#### [Exercise instructions]
For this exercise, restate word for word only the lines from the first line of the data to the line containing "import ezdxf".

#### [Source data]
---------------

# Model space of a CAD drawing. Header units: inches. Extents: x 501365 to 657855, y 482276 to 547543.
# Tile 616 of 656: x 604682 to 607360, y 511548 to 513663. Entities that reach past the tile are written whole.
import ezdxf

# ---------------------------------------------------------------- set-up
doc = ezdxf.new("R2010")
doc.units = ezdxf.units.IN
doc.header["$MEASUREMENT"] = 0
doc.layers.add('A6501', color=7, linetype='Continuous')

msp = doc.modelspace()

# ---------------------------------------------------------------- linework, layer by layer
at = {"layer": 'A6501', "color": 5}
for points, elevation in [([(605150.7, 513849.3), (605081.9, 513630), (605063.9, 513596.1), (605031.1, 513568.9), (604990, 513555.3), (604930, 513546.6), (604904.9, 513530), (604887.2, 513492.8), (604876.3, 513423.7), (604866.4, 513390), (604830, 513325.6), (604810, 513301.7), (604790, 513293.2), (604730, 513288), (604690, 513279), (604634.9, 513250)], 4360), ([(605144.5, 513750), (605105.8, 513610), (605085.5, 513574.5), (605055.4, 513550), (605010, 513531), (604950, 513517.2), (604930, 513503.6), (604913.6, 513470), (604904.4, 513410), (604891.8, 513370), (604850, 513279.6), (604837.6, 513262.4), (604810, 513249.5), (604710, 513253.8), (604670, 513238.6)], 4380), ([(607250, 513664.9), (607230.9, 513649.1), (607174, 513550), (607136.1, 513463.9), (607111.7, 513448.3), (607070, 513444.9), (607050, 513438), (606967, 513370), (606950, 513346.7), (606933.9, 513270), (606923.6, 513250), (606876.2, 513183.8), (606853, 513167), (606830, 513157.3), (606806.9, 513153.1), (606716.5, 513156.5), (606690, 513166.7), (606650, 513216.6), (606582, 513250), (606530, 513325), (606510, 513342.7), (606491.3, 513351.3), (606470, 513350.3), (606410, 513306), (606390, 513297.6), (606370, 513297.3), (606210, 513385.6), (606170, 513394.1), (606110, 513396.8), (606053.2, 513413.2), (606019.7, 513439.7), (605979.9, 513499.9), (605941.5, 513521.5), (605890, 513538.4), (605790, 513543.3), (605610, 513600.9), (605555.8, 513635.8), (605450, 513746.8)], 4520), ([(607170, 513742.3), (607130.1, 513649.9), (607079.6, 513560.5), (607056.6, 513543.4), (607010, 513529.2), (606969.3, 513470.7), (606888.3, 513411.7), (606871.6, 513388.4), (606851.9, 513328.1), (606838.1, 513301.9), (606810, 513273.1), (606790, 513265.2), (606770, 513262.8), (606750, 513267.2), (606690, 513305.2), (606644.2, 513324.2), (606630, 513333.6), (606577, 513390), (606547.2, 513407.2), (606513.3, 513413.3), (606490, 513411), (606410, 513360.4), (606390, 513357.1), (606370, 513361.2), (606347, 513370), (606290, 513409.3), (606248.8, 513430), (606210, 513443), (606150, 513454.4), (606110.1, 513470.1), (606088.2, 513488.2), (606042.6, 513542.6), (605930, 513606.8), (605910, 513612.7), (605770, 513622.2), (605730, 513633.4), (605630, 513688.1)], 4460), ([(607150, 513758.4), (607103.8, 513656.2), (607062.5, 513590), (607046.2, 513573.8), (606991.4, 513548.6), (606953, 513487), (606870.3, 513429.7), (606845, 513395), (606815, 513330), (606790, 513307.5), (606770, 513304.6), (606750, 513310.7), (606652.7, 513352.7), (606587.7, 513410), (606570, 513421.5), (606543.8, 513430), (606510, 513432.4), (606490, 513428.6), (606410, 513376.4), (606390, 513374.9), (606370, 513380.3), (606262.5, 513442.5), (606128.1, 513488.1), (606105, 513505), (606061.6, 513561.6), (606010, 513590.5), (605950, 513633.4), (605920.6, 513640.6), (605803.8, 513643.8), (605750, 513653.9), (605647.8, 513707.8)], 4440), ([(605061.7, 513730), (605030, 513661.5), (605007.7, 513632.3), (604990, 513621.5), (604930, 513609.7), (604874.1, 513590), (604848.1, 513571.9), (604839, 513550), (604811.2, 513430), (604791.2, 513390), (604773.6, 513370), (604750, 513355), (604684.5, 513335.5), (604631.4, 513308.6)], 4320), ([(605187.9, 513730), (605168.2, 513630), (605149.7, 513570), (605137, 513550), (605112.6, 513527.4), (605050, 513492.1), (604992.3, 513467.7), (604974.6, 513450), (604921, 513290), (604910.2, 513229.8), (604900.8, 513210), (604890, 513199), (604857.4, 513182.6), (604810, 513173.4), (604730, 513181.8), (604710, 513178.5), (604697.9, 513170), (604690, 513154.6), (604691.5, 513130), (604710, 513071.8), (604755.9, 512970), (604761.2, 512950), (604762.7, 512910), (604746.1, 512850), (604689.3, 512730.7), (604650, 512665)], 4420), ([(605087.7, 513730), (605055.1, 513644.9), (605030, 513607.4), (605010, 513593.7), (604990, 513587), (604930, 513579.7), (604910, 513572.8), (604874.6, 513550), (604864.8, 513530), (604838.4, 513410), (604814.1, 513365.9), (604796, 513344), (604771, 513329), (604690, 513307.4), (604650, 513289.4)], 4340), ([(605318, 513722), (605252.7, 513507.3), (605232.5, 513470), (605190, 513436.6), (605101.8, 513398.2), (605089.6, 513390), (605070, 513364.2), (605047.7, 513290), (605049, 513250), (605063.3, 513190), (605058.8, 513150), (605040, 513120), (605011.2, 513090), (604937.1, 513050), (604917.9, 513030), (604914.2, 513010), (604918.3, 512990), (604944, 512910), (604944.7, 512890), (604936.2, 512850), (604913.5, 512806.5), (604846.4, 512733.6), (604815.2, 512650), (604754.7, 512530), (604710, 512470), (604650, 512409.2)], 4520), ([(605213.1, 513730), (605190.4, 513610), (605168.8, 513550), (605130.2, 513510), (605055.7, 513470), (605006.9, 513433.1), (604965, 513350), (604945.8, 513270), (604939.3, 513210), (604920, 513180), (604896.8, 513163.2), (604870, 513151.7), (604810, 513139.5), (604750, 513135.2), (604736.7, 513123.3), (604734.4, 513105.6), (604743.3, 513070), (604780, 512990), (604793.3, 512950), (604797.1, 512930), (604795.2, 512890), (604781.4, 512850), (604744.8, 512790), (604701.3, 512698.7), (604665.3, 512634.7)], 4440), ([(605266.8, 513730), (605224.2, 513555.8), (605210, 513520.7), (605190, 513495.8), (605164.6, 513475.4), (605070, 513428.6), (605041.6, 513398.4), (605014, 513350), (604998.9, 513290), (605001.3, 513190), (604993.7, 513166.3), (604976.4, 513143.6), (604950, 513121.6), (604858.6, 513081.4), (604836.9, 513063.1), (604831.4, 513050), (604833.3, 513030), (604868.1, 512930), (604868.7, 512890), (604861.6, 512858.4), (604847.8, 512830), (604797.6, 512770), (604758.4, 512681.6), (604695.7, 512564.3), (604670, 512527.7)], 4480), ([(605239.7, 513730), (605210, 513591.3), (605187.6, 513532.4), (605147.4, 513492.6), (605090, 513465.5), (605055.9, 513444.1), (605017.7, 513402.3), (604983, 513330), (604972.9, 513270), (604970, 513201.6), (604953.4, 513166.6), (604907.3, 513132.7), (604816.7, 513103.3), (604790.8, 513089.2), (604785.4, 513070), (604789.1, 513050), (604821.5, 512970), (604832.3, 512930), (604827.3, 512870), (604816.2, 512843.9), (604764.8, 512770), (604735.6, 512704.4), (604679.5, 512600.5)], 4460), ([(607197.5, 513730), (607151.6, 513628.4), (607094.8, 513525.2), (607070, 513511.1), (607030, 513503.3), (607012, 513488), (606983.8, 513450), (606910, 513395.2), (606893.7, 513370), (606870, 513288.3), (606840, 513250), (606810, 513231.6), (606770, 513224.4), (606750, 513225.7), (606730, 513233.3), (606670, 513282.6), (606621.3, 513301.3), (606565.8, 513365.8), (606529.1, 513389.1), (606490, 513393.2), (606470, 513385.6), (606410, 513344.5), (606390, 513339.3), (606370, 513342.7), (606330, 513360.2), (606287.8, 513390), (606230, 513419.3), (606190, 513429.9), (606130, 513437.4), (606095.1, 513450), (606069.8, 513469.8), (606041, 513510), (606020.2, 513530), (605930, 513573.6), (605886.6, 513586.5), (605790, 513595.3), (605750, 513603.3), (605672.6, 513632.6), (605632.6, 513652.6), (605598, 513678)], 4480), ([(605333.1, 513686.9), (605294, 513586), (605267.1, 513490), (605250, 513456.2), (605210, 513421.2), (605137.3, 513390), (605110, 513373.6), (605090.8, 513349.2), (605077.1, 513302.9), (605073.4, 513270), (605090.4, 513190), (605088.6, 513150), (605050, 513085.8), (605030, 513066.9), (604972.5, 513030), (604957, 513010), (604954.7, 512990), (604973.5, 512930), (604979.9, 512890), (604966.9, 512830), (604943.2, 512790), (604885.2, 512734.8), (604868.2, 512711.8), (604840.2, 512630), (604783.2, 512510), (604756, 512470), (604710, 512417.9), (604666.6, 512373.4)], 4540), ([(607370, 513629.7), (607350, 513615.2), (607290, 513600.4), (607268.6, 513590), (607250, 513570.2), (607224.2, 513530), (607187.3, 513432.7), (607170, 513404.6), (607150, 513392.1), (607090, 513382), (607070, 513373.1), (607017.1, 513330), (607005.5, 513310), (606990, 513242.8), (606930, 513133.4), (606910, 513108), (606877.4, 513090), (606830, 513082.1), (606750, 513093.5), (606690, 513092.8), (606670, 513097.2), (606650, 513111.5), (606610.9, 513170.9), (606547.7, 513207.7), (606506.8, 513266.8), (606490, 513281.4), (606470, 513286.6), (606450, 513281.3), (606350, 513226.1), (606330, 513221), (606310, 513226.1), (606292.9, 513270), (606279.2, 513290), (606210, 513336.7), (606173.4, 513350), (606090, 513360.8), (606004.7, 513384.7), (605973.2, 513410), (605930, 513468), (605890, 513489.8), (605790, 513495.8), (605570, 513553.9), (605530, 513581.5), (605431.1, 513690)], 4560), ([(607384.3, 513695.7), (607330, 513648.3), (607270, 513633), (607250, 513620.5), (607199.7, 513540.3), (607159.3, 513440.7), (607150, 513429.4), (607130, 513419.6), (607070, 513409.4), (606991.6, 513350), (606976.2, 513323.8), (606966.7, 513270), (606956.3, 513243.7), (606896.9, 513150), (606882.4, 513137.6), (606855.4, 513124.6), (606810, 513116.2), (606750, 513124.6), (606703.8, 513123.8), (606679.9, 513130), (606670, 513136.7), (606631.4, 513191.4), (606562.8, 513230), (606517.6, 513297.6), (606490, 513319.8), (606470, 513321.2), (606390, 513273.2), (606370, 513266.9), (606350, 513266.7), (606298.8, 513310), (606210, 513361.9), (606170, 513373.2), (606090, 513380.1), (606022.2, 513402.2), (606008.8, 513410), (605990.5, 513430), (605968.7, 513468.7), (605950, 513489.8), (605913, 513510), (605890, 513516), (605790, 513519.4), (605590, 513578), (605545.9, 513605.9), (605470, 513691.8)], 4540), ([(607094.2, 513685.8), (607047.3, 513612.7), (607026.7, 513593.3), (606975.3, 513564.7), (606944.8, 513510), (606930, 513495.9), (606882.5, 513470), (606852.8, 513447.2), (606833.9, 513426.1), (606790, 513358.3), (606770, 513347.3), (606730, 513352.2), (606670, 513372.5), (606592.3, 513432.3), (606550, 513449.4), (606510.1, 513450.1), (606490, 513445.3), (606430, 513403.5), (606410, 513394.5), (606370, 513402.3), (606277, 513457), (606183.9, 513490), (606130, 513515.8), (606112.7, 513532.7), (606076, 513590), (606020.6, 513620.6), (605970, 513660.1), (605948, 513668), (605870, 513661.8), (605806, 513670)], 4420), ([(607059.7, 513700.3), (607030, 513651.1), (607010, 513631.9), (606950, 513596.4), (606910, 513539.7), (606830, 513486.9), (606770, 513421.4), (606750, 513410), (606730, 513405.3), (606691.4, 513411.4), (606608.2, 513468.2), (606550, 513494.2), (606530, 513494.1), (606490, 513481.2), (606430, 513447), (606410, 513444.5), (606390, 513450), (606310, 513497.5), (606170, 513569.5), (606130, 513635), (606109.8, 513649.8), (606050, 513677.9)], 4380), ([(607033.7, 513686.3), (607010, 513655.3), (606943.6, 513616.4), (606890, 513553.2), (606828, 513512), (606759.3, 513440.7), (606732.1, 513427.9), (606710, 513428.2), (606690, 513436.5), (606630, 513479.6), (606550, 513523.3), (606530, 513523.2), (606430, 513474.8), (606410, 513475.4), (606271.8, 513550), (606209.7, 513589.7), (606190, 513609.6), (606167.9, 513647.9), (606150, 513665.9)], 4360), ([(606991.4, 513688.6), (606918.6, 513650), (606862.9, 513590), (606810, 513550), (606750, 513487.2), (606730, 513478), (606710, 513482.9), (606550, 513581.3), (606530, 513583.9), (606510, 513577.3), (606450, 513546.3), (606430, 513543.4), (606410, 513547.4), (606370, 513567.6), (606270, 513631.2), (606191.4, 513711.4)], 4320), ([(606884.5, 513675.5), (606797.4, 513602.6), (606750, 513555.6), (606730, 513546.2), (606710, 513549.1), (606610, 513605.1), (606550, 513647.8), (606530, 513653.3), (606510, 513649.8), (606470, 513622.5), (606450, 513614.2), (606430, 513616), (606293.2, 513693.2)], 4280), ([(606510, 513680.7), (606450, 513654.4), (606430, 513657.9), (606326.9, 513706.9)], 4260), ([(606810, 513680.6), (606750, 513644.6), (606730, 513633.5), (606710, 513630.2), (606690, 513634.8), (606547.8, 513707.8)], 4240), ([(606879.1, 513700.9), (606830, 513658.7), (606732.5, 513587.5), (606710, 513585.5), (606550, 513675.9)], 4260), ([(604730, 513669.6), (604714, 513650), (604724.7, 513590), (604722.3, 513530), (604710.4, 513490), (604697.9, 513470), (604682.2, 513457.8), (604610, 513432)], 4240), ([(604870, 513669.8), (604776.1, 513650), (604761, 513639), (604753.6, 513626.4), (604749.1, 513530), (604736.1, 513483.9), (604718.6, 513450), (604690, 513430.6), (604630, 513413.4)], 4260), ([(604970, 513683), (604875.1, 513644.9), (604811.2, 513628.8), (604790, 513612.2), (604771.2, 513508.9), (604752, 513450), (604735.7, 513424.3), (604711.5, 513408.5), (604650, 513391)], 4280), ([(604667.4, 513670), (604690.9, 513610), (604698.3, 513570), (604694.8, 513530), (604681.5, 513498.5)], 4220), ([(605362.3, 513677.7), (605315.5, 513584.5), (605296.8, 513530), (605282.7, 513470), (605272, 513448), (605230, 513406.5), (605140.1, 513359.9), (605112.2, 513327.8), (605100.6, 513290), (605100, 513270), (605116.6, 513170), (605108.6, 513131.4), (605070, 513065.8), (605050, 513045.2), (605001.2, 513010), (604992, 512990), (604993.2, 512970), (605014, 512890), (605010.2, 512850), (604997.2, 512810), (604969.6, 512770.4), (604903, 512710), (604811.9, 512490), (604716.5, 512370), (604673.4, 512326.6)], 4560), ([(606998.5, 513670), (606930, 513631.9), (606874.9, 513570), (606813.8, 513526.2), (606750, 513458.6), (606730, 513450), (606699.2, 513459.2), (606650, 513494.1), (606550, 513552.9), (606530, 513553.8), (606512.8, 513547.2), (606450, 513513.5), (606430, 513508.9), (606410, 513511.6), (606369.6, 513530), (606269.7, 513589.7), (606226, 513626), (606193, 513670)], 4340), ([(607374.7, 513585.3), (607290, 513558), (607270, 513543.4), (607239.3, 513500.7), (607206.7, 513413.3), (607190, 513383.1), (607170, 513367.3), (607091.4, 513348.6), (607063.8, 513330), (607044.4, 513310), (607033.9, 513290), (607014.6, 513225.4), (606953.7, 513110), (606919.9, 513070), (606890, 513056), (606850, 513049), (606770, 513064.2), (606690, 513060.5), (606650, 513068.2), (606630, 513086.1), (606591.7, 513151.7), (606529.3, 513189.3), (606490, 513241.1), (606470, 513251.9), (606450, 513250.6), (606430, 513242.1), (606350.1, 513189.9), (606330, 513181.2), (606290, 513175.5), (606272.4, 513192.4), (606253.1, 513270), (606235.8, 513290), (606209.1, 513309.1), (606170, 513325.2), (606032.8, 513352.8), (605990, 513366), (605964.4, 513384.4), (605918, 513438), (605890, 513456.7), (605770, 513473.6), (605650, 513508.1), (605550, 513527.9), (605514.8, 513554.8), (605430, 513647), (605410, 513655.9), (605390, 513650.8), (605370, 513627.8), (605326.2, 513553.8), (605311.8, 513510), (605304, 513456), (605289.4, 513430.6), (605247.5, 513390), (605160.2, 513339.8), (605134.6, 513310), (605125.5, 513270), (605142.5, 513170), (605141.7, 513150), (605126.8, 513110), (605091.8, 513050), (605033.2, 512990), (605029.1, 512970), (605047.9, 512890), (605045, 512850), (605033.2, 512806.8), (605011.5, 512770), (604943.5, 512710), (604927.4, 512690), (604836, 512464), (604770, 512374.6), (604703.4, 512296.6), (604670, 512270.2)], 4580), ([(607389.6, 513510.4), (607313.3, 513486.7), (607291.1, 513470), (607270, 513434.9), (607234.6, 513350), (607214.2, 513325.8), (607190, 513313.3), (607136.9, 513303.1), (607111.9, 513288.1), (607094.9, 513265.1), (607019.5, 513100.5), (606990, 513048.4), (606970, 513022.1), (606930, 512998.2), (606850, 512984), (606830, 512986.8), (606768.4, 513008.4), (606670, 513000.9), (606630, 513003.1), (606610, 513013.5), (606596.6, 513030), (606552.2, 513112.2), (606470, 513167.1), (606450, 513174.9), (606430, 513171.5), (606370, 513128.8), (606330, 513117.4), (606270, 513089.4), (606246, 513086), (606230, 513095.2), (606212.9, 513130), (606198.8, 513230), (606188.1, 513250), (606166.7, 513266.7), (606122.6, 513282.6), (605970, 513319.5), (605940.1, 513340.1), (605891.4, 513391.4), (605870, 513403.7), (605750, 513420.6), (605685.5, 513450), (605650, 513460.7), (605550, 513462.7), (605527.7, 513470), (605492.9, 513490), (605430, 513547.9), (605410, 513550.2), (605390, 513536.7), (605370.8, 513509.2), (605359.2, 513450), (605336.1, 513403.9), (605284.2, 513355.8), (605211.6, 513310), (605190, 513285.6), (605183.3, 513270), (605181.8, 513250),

---------------

#### [Output]
# Model space of a CAD drawing. Header units: inches. Extents: x 501365 to 657855, y 482276 to 547543.
# Tile 616 of 656: x 604682 to 607360, y 511548 to 513663. Entities that reach past the tile are written whole.
import ezdxf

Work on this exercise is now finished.